Generally, three methods can be applied to assess the accuracy of 3D virtually planned orthognathic surgery: landmark-based, surface-based, and voxel-based registration, depending on the manner in which CT images are superimposed [20, 26‐29]. The landmark-based registration method involves manually setting stable anatomic landmarks and superimposing them through point matching, similar to the conventional method of superimposing two-dimensional cephalometric radiographs [26]. It generates human errors, depending on the landmark setting and interobserver variations [27, 28]. The surface-based registration method involves manually setting stable anatomic regions and superimposing them by matching the corresponding closest point on the same 3D reference surface based on the interactive closest-point algorithm [26]. The voxel-based registration method is a relatively recent method used for aligning two CT images based on the grayscale differences of voxels [29]. Voxels, each with a unique grayscale value that depends on the opacity of the scanned structure, are units of volume with isotropic x, y, and z dimensions [29]. This method calculates the rotation and translation required to align two CT images based on mathematical algorithms [26]. It automatically superimposes two CT scans based on volumetric similarities and significantly reduces the possibility of human error by eliminating the need to set cephalometric landmarks multiple times [20, 28]. Although all three methods are reliable for detecting changes in landmark positions when superimposed, the surface-based and voxel-based registration methods are more accurate than the landmark-based registration method [20, 26].

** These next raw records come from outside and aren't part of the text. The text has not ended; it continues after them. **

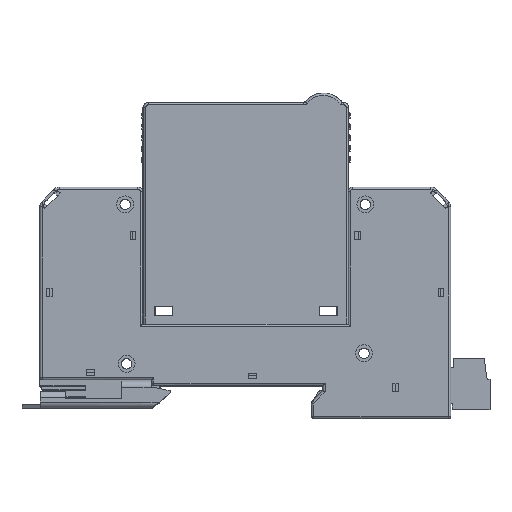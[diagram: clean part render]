
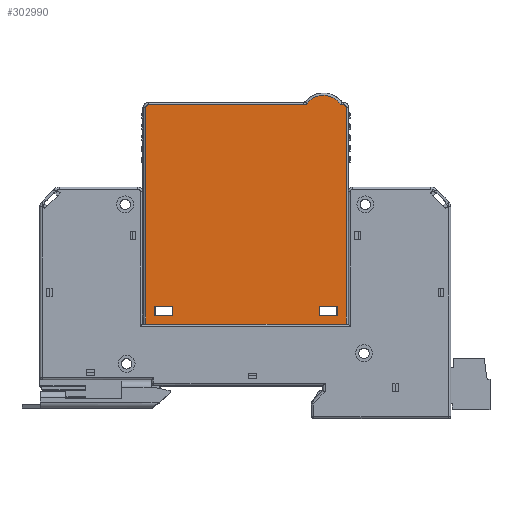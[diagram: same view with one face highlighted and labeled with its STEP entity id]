
A CAD part, top view. The second image highlights one B-rep face of the part: STEP entity #302990.
In plain terms, the highlighted planar face has unit normal (0, 0, 1).
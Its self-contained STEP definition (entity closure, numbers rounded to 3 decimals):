
#294520=CARTESIAN_POINT('',(-21.8,13.5,44.5));
#294530=VERTEX_POINT('',#294520);
#294560=CARTESIAN_POINT('',(0.,13.5,44.5));
#294570=DIRECTION('',(1.,0.,-0.));
#294580=VECTOR('',#294570,1.);
#294590=LINE('',#294560,#294580);
#294600=CARTESIAN_POINT('',(22.1,13.5,44.5));
#294610=VERTEX_POINT('',#294600);
#294620=EDGE_CURVE('',#294530,#294610,#294590,.T.);
#301350=CARTESIAN_POINT('',(-21.8,61.,44.5));
#301360=VERTEX_POINT('',#301350);
#301390=CARTESIAN_POINT('',(-21.8,61.,44.5));
#301400=DIRECTION('',(0.,-1.,0.));
#301410=VECTOR('',#301400,1.);
#301420=LINE('',#301390,#301410);
#301430=EDGE_CURVE('',#301360,#294530,#301420,.T.);
#301560=CARTESIAN_POINT('',(-26.19,8.161,44.5));
#301570=DIRECTION('',(0.,0.,1.));
#301580=DIRECTION('',(1.,0.,-0.));
#301590=AXIS2_PLACEMENT_3D('',#301560,#301570,#301580);
#301600=PLANE('',#301590);
#301610=ORIENTED_EDGE('',*,*,#294620,.T.);
#301620=ORIENTED_EDGE('',*,*,#301430,.T.);
#301630=CARTESIAN_POINT('',(-21.3,61.,44.5));
#301640=DIRECTION('',(0.,0.,1.));
#301650=DIRECTION('',(1.,0.,-0.));
#301660=AXIS2_PLACEMENT_3D('',#301630,#301640,#301650);
#301670=CIRCLE('',#301660,0.5);
#301680=CARTESIAN_POINT('',(-21.3,61.5,44.5));
#301690=VERTEX_POINT('',#301680);
#301700=EDGE_CURVE('',#301690,#301360,#301670,.T.);
#301710=ORIENTED_EDGE('',*,*,#301700,.T.);
#301720=CARTESIAN_POINT('',(12.777,61.5,44.5));
#301730=DIRECTION('',(-1.,0.,0.));
#301740=VECTOR('',#301730,1.);
#301750=LINE('',#301720,#301740);
#301760=CARTESIAN_POINT('',(12.777,61.5,44.5));
#301770=VERTEX_POINT('',#301760);
#301780=EDGE_CURVE('',#301770,#301690,#301750,.T.);
#301790=ORIENTED_EDGE('',*,*,#301780,.T.);
#301800=CARTESIAN_POINT('',(12.777,62.5,44.5));
#301810=DIRECTION('',(0.,0.,-1.));
#301820=DIRECTION('',(-1.,0.,-0.));
#301830=AXIS2_PLACEMENT_3D('',#301800,#301810,#301820);
#301840=CIRCLE('',#301830,1.);
#301850=CARTESIAN_POINT('',(13.563,61.882,44.5));
#301860=VERTEX_POINT('',#301850);
#301870=EDGE_CURVE('',#301860,#301770,#301840,.T.);
#301880=ORIENTED_EDGE('',*,*,#301870,.T.);
#301890=CARTESIAN_POINT('',(17.1,59.1,44.5));
#301900=DIRECTION('',(0.,0.,1.));
#301910=DIRECTION('',(1.,0.,-0.));
#301920=AXIS2_PLACEMENT_3D('',#301890,#301900,#301910);
#301930=CIRCLE('',#301920,4.5);
#301940=CARTESIAN_POINT('',(20.907,61.5,44.5));
#301950=VERTEX_POINT('',#301940);
#301960=EDGE_CURVE('',#301950,#301860,#301930,.T.);
#301970=ORIENTED_EDGE('',*,*,#301960,.T.);
#301980=CARTESIAN_POINT('',(20.907,61.5,44.5));
#301990=DIRECTION('',(0.108,0.994,0.));
#302000=VECTOR('',#301990,1.);
#302010=LINE('',#301980,#302000);
#302020=CARTESIAN_POINT('',(20.907,61.5,44.5));
#302030=VERTEX_POINT('',#302020);
#302040=EDGE_CURVE('',#302030,#301950,#302010,.T.);
#302050=ORIENTED_EDGE('',*,*,#302040,.T.);
#302060=CARTESIAN_POINT('',(21.6,61.5,44.5));
#302070=DIRECTION('',(-1.,0.,0.));
#302080=VECTOR('',#302070,1.);
#302090=LINE('',#302060,#302080);
#302100=CARTESIAN_POINT('',(21.6,61.5,44.5));
#302110=VERTEX_POINT('',#302100);
#302120=EDGE_CURVE('',#302110,#302030,#302090,.T.);
#302130=ORIENTED_EDGE('',*,*,#302120,.T.);
#302140=CARTESIAN_POINT('',(21.6,61.,44.5));
#302150=DIRECTION('',(0.,0.,1.));
#302160=DIRECTION('',(1.,0.,-0.));
#302170=AXIS2_PLACEMENT_3D('',#302140,#302150,#302160);
#302180=CIRCLE('',#302170,0.5);
#302190=CARTESIAN_POINT('',(22.1,61.,44.5));
#302200=VERTEX_POINT('',#302190);
#302210=EDGE_CURVE('',#302200,#302110,#302180,.T.);
#302220=ORIENTED_EDGE('',*,*,#302210,.T.);
#302230=CARTESIAN_POINT('',(22.1,13.5,44.5));
#302240=DIRECTION('',(0.,1.,0.));
#302250=VECTOR('',#302240,1.);
#302260=LINE('',#302230,#302250);
#302270=EDGE_CURVE('',#294610,#302200,#302260,.T.);
#302280=ORIENTED_EDGE('',*,*,#302270,.T.);
#302290=EDGE_LOOP('',(#302280,#302220,#302130,#302050,#301970,#301880,
#301790,#301710,#301620,#301610));
#302300=FACE_OUTER_BOUND('',#302290,.T.);
#302310=CARTESIAN_POINT('',(0.,17.4,44.5));
#302320=DIRECTION('',(1.,-0.,-0.));
#302330=VECTOR('',#302320,1.);
#302340=LINE('',#302310,#302330);
#302350=CARTESIAN_POINT('',(-19.85,17.4,44.5));
#302360=VERTEX_POINT('',#302350);
#302370=CARTESIAN_POINT('',(-15.85,17.4,44.5));
#302380=VERTEX_POINT('',#302370);
#302390=EDGE_CURVE('',#302360,#302380,#302340,.T.);
#302400=ORIENTED_EDGE('',*,*,#302390,.T.);
#302410=CARTESIAN_POINT('',(-19.85,0.,44.5));
#302420=DIRECTION('',(0.,1.,-0.));
#302430=VECTOR('',#302420,1.);
#302440=LINE('',#302410,#302430);
#302450=CARTESIAN_POINT('',(-19.85,15.4,44.5));
#302460=VERTEX_POINT('',#302450);
#302470=EDGE_CURVE('',#302460,#302360,#302440,.T.);
#302480=ORIENTED_EDGE('',*,*,#302470,.T.);
#302490=CARTESIAN_POINT('',(0.,15.4,44.5));
#302500=DIRECTION('',(-1.,-0.,-0.));
#302510=VECTOR('',#302500,1.);
#302520=LINE('',#302490,#302510);
#302530=CARTESIAN_POINT('',(-15.85,15.4,44.5));
#302540=VERTEX_POINT('',#302530);
#302550=EDGE_CURVE('',#302540,#302460,#302520,.T.);
#302560=ORIENTED_EDGE('',*,*,#302550,.T.);
#302570=CARTESIAN_POINT('',(-15.85,0.,44.5));
#302580=DIRECTION('',(0.,-1.,-0.));
#302590=VECTOR('',#302580,1.);
#302600=LINE('',#302570,#302590);
#302610=EDGE_CURVE('',#302380,#302540,#302600,.T.);
#302620=ORIENTED_EDGE('',*,*,#302610,.T.);
#302630=EDGE_LOOP('',(#302620,#302560,#302480,#302400));
#302640=FACE_BOUND('',#302630,.T.);
#302650=CARTESIAN_POINT('',(0.,17.4,44.5));
#302660=DIRECTION('',(1.,-0.,-0.));
#302670=VECTOR('',#302660,1.);
#302680=LINE('',#302650,#302670);
#302690=CARTESIAN_POINT('',(16.15,17.4,44.5));
#302700=VERTEX_POINT('',#302690);
#302710=CARTESIAN_POINT('',(20.15,17.4,44.5));
#302720=VERTEX_POINT('',#302710);
#302730=EDGE_CURVE('',#302700,#302720,#302680,.T.);
#302740=ORIENTED_EDGE('',*,*,#302730,.T.);
#302750=CARTESIAN_POINT('',(16.15,0.,44.5));
#302760=DIRECTION('',(0.,1.,-0.));
#302770=VECTOR('',#302760,1.);
#302780=LINE('',#302750,#302770);
#302790=CARTESIAN_POINT('',(16.15,15.4,44.5));
#302800=VERTEX_POINT('',#302790);
#302810=EDGE_CURVE('',#302800,#302700,#302780,.T.);
#302820=ORIENTED_EDGE('',*,*,#302810,.T.);
#302830=CARTESIAN_POINT('',(0.,15.4,44.5));
#302840=DIRECTION('',(-1.,-0.,-0.));
#302850=VECTOR('',#302840,1.);
#302860=LINE('',#302830,#302850);
#302870=CARTESIAN_POINT('',(20.15,15.4,44.5));
#302880=VERTEX_POINT('',#302870);
#302890=EDGE_CURVE('',#302880,#302800,#302860,.T.);
#302900=ORIENTED_EDGE('',*,*,#302890,.T.);
#302910=CARTESIAN_POINT('',(20.15,0.,44.5));
#302920=DIRECTION('',(0.,-1.,-0.));
#302930=VECTOR('',#302920,1.);
#302940=LINE('',#302910,#302930);
#302950=EDGE_CURVE('',#302720,#302880,#302940,.T.);
#302960=ORIENTED_EDGE('',*,*,#302950,.T.);
#302970=EDGE_LOOP('',(#302960,#302900,#302820,#302740));
#302980=FACE_BOUND('',#302970,.T.);
#302990=ADVANCED_FACE('',(#302300,#302640,#302980),#301600,.T.);

A limitation of this study is that only changes in the position of the condyles immediately after orthognathic surgery were observed. The position of the condyle changes over a long period and immediately after orthognathic surgery [25]. Therefore, further studies on the long-term changes in the condylar position after orthognathic surgery using the BOS system are needed.

The results of this study indicate that the changes in the condylar positions after orthognathic surgery using virtual surgical planning via the BOS system were mainly observed downward on the y-axis, with slight changes in the x- and z-axes. The change in the condylar position after orthognathic surgery using the BOS system is clinically acceptable.